▶ **What you should do**: From the line containing "FILE_DESCRIPTION(/* description */" through the last line of the records, print every line exactly and nothing more.

▶ **Records for processing**:
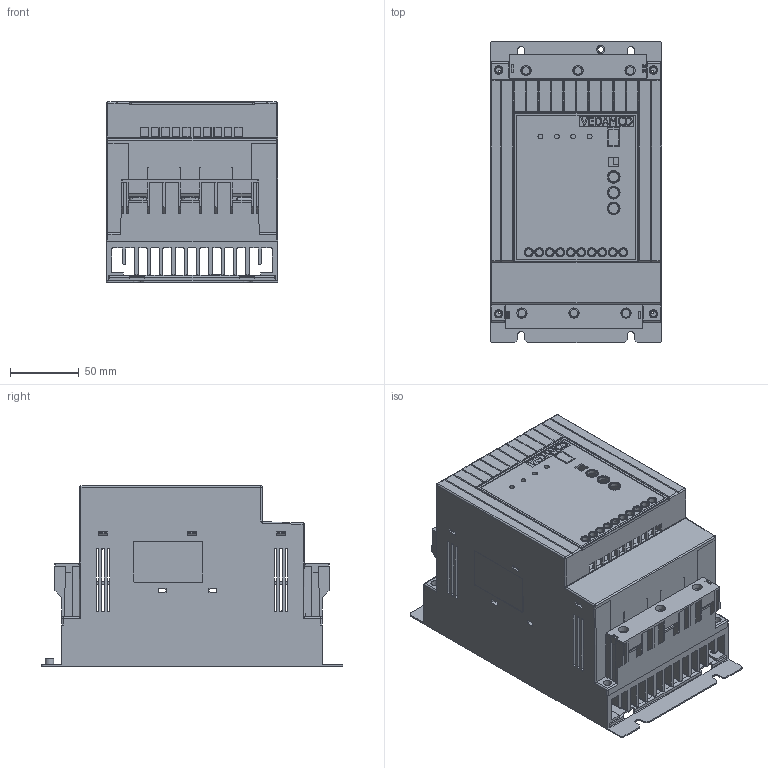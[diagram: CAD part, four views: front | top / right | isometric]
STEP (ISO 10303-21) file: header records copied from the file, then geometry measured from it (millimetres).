
FILE_DESCRIPTION(/* description */ (''),/* implementation_level */ '2;1');
FILE_NAME(/* name */ 'O:\БЭМ\Personal\Абрамов\010-18-2 РУНН Крюково\MCD\C3 31.10.2023.stp',/* time_stamp */ '2023-10-31T17:11:18+03:00',/* author */ ('a.abramov'),/* organization */ (''),/* preprocessor_version */ 'ST-DEVELOPER v18.1',/* originating_system */ 'Autodesk Inventor 2022',/* authorisation */ '');
FILE_SCHEMA (('AUTOMOTIVE_DESIGN { 1 0 10303 214 3 1 1 }'));
Products named in the file (1): C3
Bounding box: 125 x 220 x 131.7 mm (x, y, z)
Volume: 579774.2 mm3; surface area: 479451.4 mm2
Topology: 1 solids, 7 shells, 2695 faces, 7809 edges, 5099 vertices
Faces by surface type: plane 2208, cylinder 262, cone 167, bspline 46, sphere 10, torus 2
Full cylindrical faces by diameter (mm): 2.6 x6, 3 x9, 4 x5, 4.2 x4, 4.5 x4, 4.6 x5, 5 x5, 5.5 x5, 6 x1
Entity records: 92649 total; most frequent: CARTESIAN_POINT 18185, ORIENTED_EDGE 15602, DIRECTION 13783, EDGE_CURVE 7801, LINE 6585, VECTOR 6585, VERTEX_POINT 5099, AXIS2_PLACEMENT_3D 3599

▶ **Task result**:
FILE_DESCRIPTION(/* description */ (''),/* implementation_level */ '2;1');
FILE_NAME(/* name */ 'O:\БЭМ\Personal\Абрамов\010-18-2 РУНН Крюково\MCD\C3 31.10.2023.stp',/* time_stamp */ '2023-10-31T17:11:18+03:00',/* author */ ('a.abramov'),/* organization */ (''),/* preprocessor_version */ 'ST-DEVELOPER v18.1',/* originating_system */ 'Autodesk Inventor 2022',/* authorisation */ '');
FILE_SCHEMA (('AUTOMOTIVE_DESIGN { 1 0 10303 214 3 1 1 }'));
Products named in the file (1): C3
Bounding box: 125 x 220 x 131.7 mm (x, y, z)
Volume: 579774.2 mm3; surface area: 479451.4 mm2
Topology: 1 solids, 7 shells, 2695 faces, 7809 edges, 5099 vertices
Faces by surface type: plane 2208, cylinder 262, cone 167, bspline 46, sphere 10, torus 2
Full cylindrical faces by diameter (mm): 2.6 x6, 3 x9, 4 x5, 4.2 x4, 4.5 x4, 4.6 x5, 5 x5, 5.5 x5, 6 x1
Entity records: 92649 total; most frequent: CARTESIAN_POINT 18185, ORIENTED_EDGE 15602, DIRECTION 13783, EDGE_CURVE 7801, LINE 6585, VECTOR 6585, VERTEX_POINT 5099, AXIS2_PLACEMENT_3D 3599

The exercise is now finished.